— Гаврило Романович, соберитесь с духом… Москва отдана… и третий день пылает в огне…
Державин, как услыхал это роковое известие, закрыл обеими руками лицо свое… и в комнате сделалась тишина… мы не смели прерывать безмолвной горести старца. Наконец он отнял свои руки от лица, омоченного слезами, и просил меня сходить к Дашеньке (супруге его) и велеть приготовить ему одеться.
— Я еду во дворец к императрице Марье Федоровне, — промолвил он.
Вскоре и я поспешил домой к брату, предполагая, что он не знает еще этого прискорбного для всякого русского известия, но застал уже весь наш дом в большом горе и смущении. Страшная весть быстро облетела Петербург, и он казался мне тогда в каком-то тумане… Кого ни встретишь, все с потупившими глазами, с поникшими головами. Страшная пустота какая-то сделалась в городе.

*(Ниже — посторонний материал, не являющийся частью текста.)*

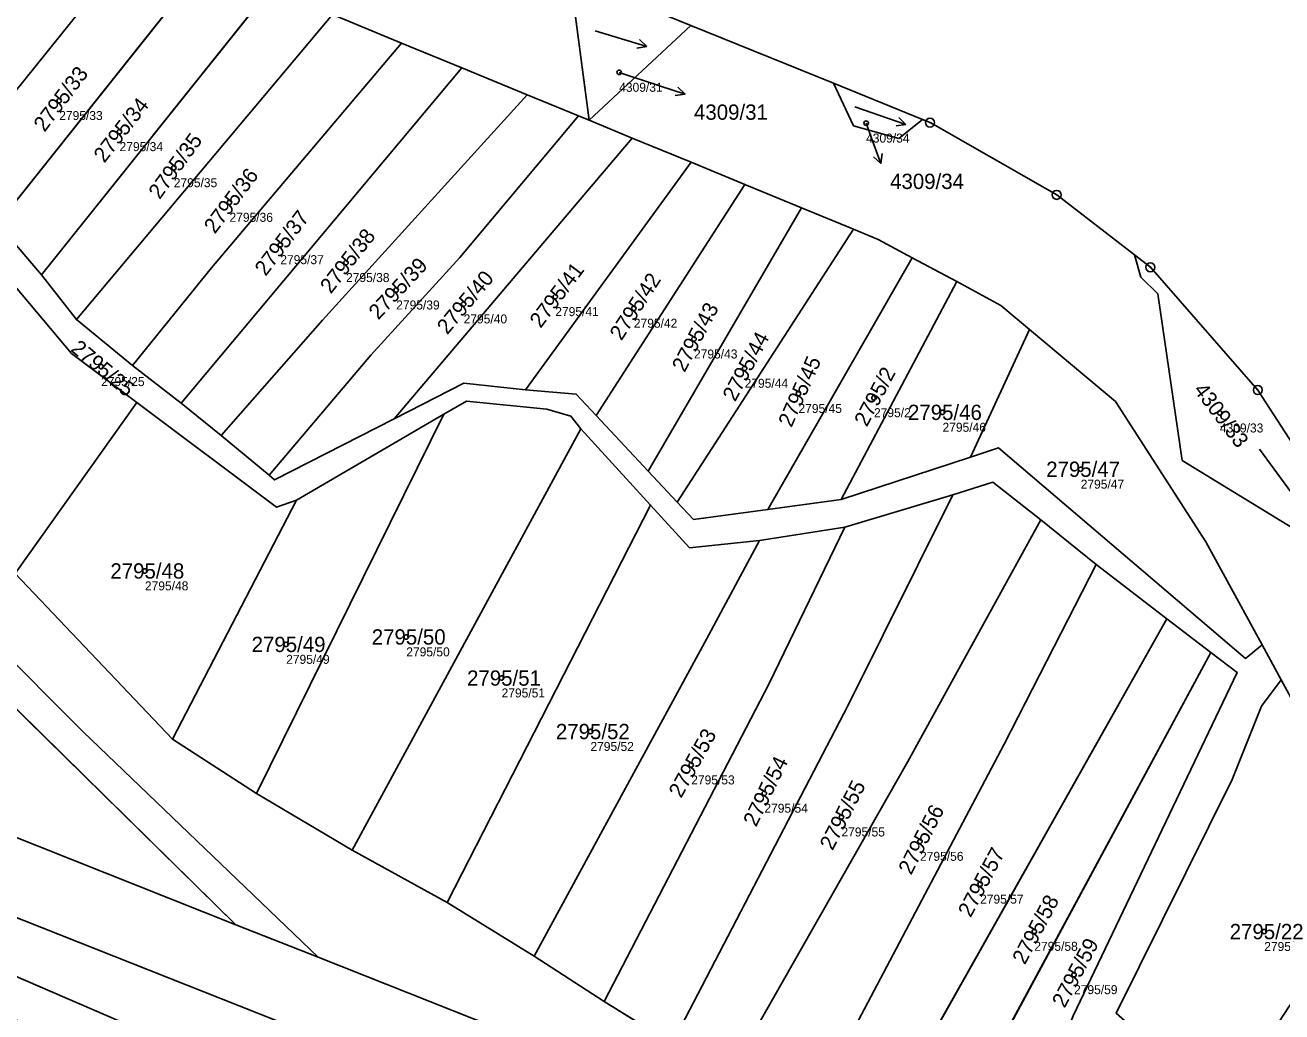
# Model space of a CAD drawing. Extents: x -739214 to -733252, y -1147612 to -1142842.
# Drawn here: x -737498.6 to -737358.8, y -1144401.4 to -1144291.6 of the extents above; entities that cross this region are included whole.
import ezdxf

# ---------------------------------------------------------------- set-up
doc = ezdxf.new("R2010")
doc.units = 0
for name, color, linetype in [('Definiční body', 7, 'Continuous'), ('Hranice parcel', 7, 'Continuous'), ('Parcelní čísla', 7, 'Continuous'), ('Polygon ku', 7, 'Continuous'), ('Polygon parcely', 7, 'Continuous'), ('Pop  PČ popisy', 7, 'Continuous'), ('Značky bodu BP', 7, 'Continuous'), ('Značky kultur', 7, 'Continuous')]:
    doc.layers.add(name, color=color, linetype=linetype)

msp = doc.modelspace()

# ---------------------------------------------------------------- linework, layer by layer
at = {"layer": 'Definiční body'}
for centre in [(-737432.55, -1144296.9), (-737494.83, -1144300.04), (-737405.09, -1144302.55), (-737488.12, -1144303.5), (-737482.09, -1144307.51), (-737475.89, -1144311.36), (-737470.24, -1144316.07), (-737462.93, -1144318.06), (-737457.35, -1144321.11), (-737439.66, -1144321.85), (-737449.85, -1144322.66), (-737430.92, -1144323.14), (-737424.23, -1144326.56), (-737490.17, -1144329.63), (-737418.6, -1144329.82), (-737412.61, -1144332.62), (-737404.21, -1144333.09), (-737396.59, -1144334.71), (-737365.74, -1144334.79), (-737381.22, -1144341.04), (-737485.3, -1144352.35), (-737456.23, -1144359.69), (-737469.59, -1144360.52), (-737445.63, -1144364.26), (-737435.75, -1144370.21), (-737424.54, -1144373.93), (-737416.4, -1144377.08), (-737407.83, -1144379.72), (-737399.09, -1144382.43), (-737392.41, -1144387.19), (-737386.38, -1144392.44), (-737360.81, -1144392.46), (-737381.96, -1144397.26)]:
    msp.add_circle(centre, 0.25, dxfattribs=at)
at = {"layer": 'Hranice parcel'}
for p, q in [((-737502.07, -1144314.24), (-737478.52, -1144284.68)), ((-737582.77, -1144286.02), (-737475.17, -1144391.69)), ((-737438.01, -1144286.21), (-737435.9, -1144302.23)), ((-737424.58, -1144291.67), (-737438.01, -1144286.21)), ((-737496.81, -1144319.43), (-737471.37, -1144287.62)), ((-737492.92, -1144324.38), (-737464.42, -1144290.48)), ((-737456.75, -1144293.64), (-737464.42, -1144290.48)), ((-737435.9, -1144302.23), (-737424.58, -1144291.67)), ((-737408.73, -1144298.11), (-737424.58, -1144291.67)), ((-737450.05, -1144296.4), (-737456.75, -1144293.64)), ((-737481.25, -1144333.69), (-737450.05, -1144296.4)), ((-737442.78, -1144299.39), (-737450.05, -1144296.4)), ((-737398.82, -1144302.14), (-737408.73, -1144298.11)), ((-737437.08, -1144301.74), (-737442.78, -1144299.39)), ((-737435.9, -1144302.23), (-737437.08, -1144301.74)), ((-737431.11, -1144304.2), (-737435.9, -1144302.23)), ((-737397.98, -1144302.48), (-737398.82, -1144302.14)), ((-737383.89, -1144310.52), (-737397.98, -1144302.48)), ((-737457.59, -1144335.43), (-737431.11, -1144304.2)), ((-737424.55, -1144306.9), (-737431.11, -1144304.2)), ((-737442.97, -1144332.19), (-737424.55, -1144306.9)), ((-737418.57, -1144309.37), (-737424.55, -1144306.9)), ((-737435.11, -1144335.05), (-737418.57, -1144309.37)), ((-737412.29, -1144311.95), (-737418.57, -1144309.37)), ((-737375.25, -1144317.2), (-737383.89, -1144310.52)), ((-737429.32, -1144341.24), (-737412.29, -1144311.95)), ((-737406.48, -1144314.34), (-737412.29, -1144311.95)), ((-737426.1, -1144344.69), (-737406.48, -1144314.34)), ((-737399.97, -1144317.54), (-737416, -1144345.53)), ((-737394.99, -1144320.15), (-737399.97, -1144317.54)), ((-737373.47, -1144318.58), (-737375.25, -1144317.2)), ((-737492.92, -1144324.38), (-737496.81, -1144319.43)), ((-737407.88, -1144344.42), (-737394.99, -1144320.15)), ((-737486.67, -1144329.49), (-737492.92, -1144324.38)), ((-737393.49, -1144339.68), (-737386.93, -1144325.49)), ((-737481.25, -1144333.69), (-737486.67, -1144329.49)), ((-737499.72, -1144352.62), (-737486.18, -1144333.6)), ((-737476.83, -1144337.27), (-737481.25, -1144333.69)), ((-737472.9, -1144377.11), (-737452.04, -1144334.92)), ((-737468.45, -1144344.48), (-737452.04, -1144334.92)), ((-737429.32, -1144341.24), (-737435.11, -1144335.05)), ((-737471.49, -1144341.7), (-737476.83, -1144337.27)), ((-737462.26, -1144383.41), (-737436.81, -1144336.54)), ((-737436.81, -1144336.54), (-737429.06, -1144345.03)), ((-737393.49, -1144339.68), (-737407.88, -1144344.42)), ((-737426.1, -1144344.69), (-737429.32, -1144341.24)), ((-737407.46, -1144347.49), (-737395.43, -1144343.89)), ((-737482.25, -1144371.07), (-737468.45, -1144344.48)), ((-737451.67, -1144389.22), (-737429.06, -1144345.03)), ((-737416, -1144345.53), (-737407.88, -1144344.42)), ((-737385.64, -1144346.65), (-737379.51, -1144351.64)), ((-737416.94, -1144348.97), (-737407.46, -1144347.49)), ((-737482.25, -1144371.07), (-737499.72, -1144352.62)), ((-737379.51, -1144351.64), (-737371.64, -1144357.66)), ((-737405.79, -1144418.29), (-737371.64, -1144357.66)), ((-737371.64, -1144357.66), (-737366.74, -1144361.41)), ((-737358.92, -1144364.45), (-737361.05, -1144360.55)), ((-737399.28, -1144421.75), (-737366.74, -1144361.41)), ((-737472.9, -1144377.11), (-737482.25, -1144371.07)), ((-737462.26, -1144383.41), (-737472.9, -1144377.11)), ((-737451.67, -1144389.22), (-737462.26, -1144383.41)), ((-737442.02, -1144395.2), (-737451.67, -1144389.22)), ((-737466.04, -1144395.32), (-737475.17, -1144391.69)), ((-737434.22, -1144400.22), (-737442.02, -1144395.2)), ((-737426.67, -1144404.91), (-737434.22, -1144400.22))]:
    msp.add_line(p, q, dxfattribs=at)
for points in [[(-737509.32, -1144310.65), (-737501.23, -1144300.88), (-737485.8, -1144281.68)], [(-737466.04, -1144395.32), (-737492.16, -1144370.24), (-737532.88, -1144329.44), (-737578.49, -1144285.03)], [(-737486.67, -1144329.49), (-737477.89, -1144318.64), (-737456.75, -1144293.64)], [(-737408.73, -1144298.11), (-737406.48, -1144302.83), (-737401.44, -1144304.26), (-737398.82, -1144302.14)], [(-737476.83, -1144337.27), (-737465.54, -1144324.44), (-737442.78, -1144299.39)], [(-737471.49, -1144341.7), (-737460.19, -1144328.34), (-737450.27, -1144317.49), (-737437.08, -1144301.74)], [(-737486.18, -1144333.6), (-737493.46, -1144328.15), (-737503.44, -1144316.34), (-737530.27, -1144302.72)], [(-737496.81, -1144319.43), (-737500.24, -1144315.38), (-737502.07, -1144314.24)], [(-737399.97, -1144317.54), (-737403.75, -1144315.47), (-737406.48, -1144314.34)], [(-737375.25, -1144317.2), (-737374.53, -1144319.66), (-737372.66, -1144321.53), (-737369.92, -1144340.05), (-737349.14, -1144352.77)], [(-737352.83, -1144345.62), (-737361.52, -1144332.23), (-737373.47, -1144318.58)], [(-737386.93, -1144325.49), (-737390.12, -1144322.82), (-737394.99, -1144320.15)], [(-737361.05, -1144360.55), (-737367.3, -1144349.12), (-737377.34, -1144333.52), (-737386.93, -1144325.49)], [(-737442.97, -1144332.19), (-737449.83, -1144331.46), (-737457.59, -1144335.43)], [(-737435.11, -1144335.05), (-737437.33, -1144332.67), (-737442.97, -1144332.19)], [(-737486.18, -1144333.6), (-737470.65, -1144345.24), (-737468.45, -1144344.48)], [(-737452.04, -1144334.92), (-737449.52, -1144333.45), (-737440.59, -1144334.36), (-737437.92, -1144335.13), (-737436.81, -1144336.54)], [(-737457.59, -1144335.43), (-737470.9, -1144342.23), (-737471.49, -1144341.7)], [(-737361.05, -1144360.55), (-737362.91, -1144362.08), (-737390.38, -1144338.66), (-737393.49, -1144339.68)], [(-737395.43, -1144343.89), (-737390.99, -1144342.49), (-737385.64, -1144346.65)], [(-737426.67, -1144404.91), (-737407.08, -1144367.27), (-737395.43, -1144343.89)], [(-737429.06, -1144345.03), (-737424.74, -1144349.77), (-737416.94, -1144348.97)], [(-737416, -1144345.53), (-737424.28, -1144346.64), (-737426.1, -1144344.69)], [(-737420.59, -1144408.93), (-737400.46, -1144373.56), (-737385.64, -1144346.65)], [(-737434.22, -1144400.22), (-737415.88, -1144364.85), (-737407.46, -1144347.49)], [(-737442.02, -1144395.2), (-737422.83, -1144359.93), (-737416.94, -1144348.97)], [(-737475.17, -1144391.69), (-737515.39, -1144375.72), (-737589.81, -1144352.43)], [(-737412.32, -1144414.39), (-737389.73, -1144371.61), (-737379.51, -1144351.64)], [(-737366.74, -1144361.41), (-737363.81, -1144363.65), (-737382.06, -1144401.83)], [(-737358.92, -1144364.45), (-737361.1, -1144367.39), (-737364.36, -1144375.55), (-737377.29, -1144401.55), (-737365.37, -1144412.02)], [(-737348, -1144385.38), (-737353.69, -1144374.01), (-737358.92, -1144364.45)], [(-737440.41, -1144423.04), (-737518.02, -1144389.53), (-737570.21, -1144367.47)], [(-737570.21, -1144367.47), (-737546.96, -1144375.73), (-737518.83, -1144383.3), (-737458.74, -1144407.1)], [(-737394.5, -1144435.43), (-737406.91, -1144422.57), (-737423.56, -1144412.19), (-737466.04, -1144395.32)]]:
    msp.add_lwpolyline(points, dxfattribs=at)
at = {"layer": 'Polygon ku'}
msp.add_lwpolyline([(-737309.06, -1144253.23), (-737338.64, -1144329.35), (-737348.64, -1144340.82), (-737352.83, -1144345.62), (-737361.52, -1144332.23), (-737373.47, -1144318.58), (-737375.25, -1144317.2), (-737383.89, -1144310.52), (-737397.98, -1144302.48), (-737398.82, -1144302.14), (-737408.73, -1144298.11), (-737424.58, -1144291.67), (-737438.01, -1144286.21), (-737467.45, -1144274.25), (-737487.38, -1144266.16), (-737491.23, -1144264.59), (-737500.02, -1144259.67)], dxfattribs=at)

А между тем моя жизнь текла по-прежнему однообразно. Но вот в одно утро наш почтенный полковник собрал нас всех в зал и объявил, что накануне получено приказание его высочества по недостатку офицеров в полках гвардии назначить из нас достойнеших к производству. «Я, — прибавил он, — представлю к производству вас всех, исключая г-на Лорера, для которого не могу этого сделать, потому что он еще не унтер-офицер, — всего только пять месяцев в корпусе…» Обратившись ко мне, он в мое утешение прибавил: «Но так как вы и определены в корпус по особенной милости великого князя, то советую вам похлопотать у ваших покровителей в сем важном случае, авось вам и это удастся». Я побежал к брату, рассказал, в чем дело; сели в карету и поскакали к полковнику Лагоде, управляющему канцелярией) великого князя, и сообщили ему наше затруднительное обстоятельство.
Выслушав нас, Лагода улыбнулся и сказал: «Передайте Александру Николаевичу (так звали Энгельгардта), чтобы непременно в списке представленных к производству поместил и вас, и уверьте его, что за успешные последствия я отвечаю».
Обнадеженный словами этого почтенного человека, я поскакал в корпус и сообщил милостивое решение Энгельгардту, который вскоре поместил таким образом и меня в список счастливцев.
Однажды, рано утром, выпускных изо всех корпусов собрали в залы 1-го кадетского корпуса и построили в шеренгу. Вскоре приехал великий князь; ему подали мел, и он, проходя по шеренге, стал нас таврить разными гиероглифами, которых мы, конечно, тогда не понимали. Кому поставит крест, кому круг, кому четвероугольник и укажет особое место, где стать. Я с трепетом ждал своей очереди, как вдруг в кг дойдя до меня, остановился и, спросив мою фамилию, вскричал: «Рано! еще не унтер-офицер». Но благодетельный Лагода что-то шепнул ему на ухо, и тогда его высочество, шутя уже, спросил меня:
— Знаешь ли службу?
— Знаю, в в.
— Можешь ли командовать баталионом?
— Могу, в в, — смело отвечал я.
Тогда и на моей груди появился какой-то мелом начерченный крестик, и я присоединился к другим, таким же знаком отмеченным счастливцам. Наконец таинственное распределение кончилось, и в к громко произнес:
— Дети мои, подойдите ко мне поближе!
И, когда мы, теснясь, окружили его, он продолжал:
— Государю императору угодно было назначить из трех кадетских корпусов лучших по своему поведению и знанию службы кадет на места товарищей офицеров, павших за отечество; я избрал вас и надеюсь, что вы оправдаете мой выбор, мои ожидания. Завтра же я вас представлю государю во дворец, в 6 часов утра. Прощайте, дети.
Тут он уехал, а мы возвратились по корпусам.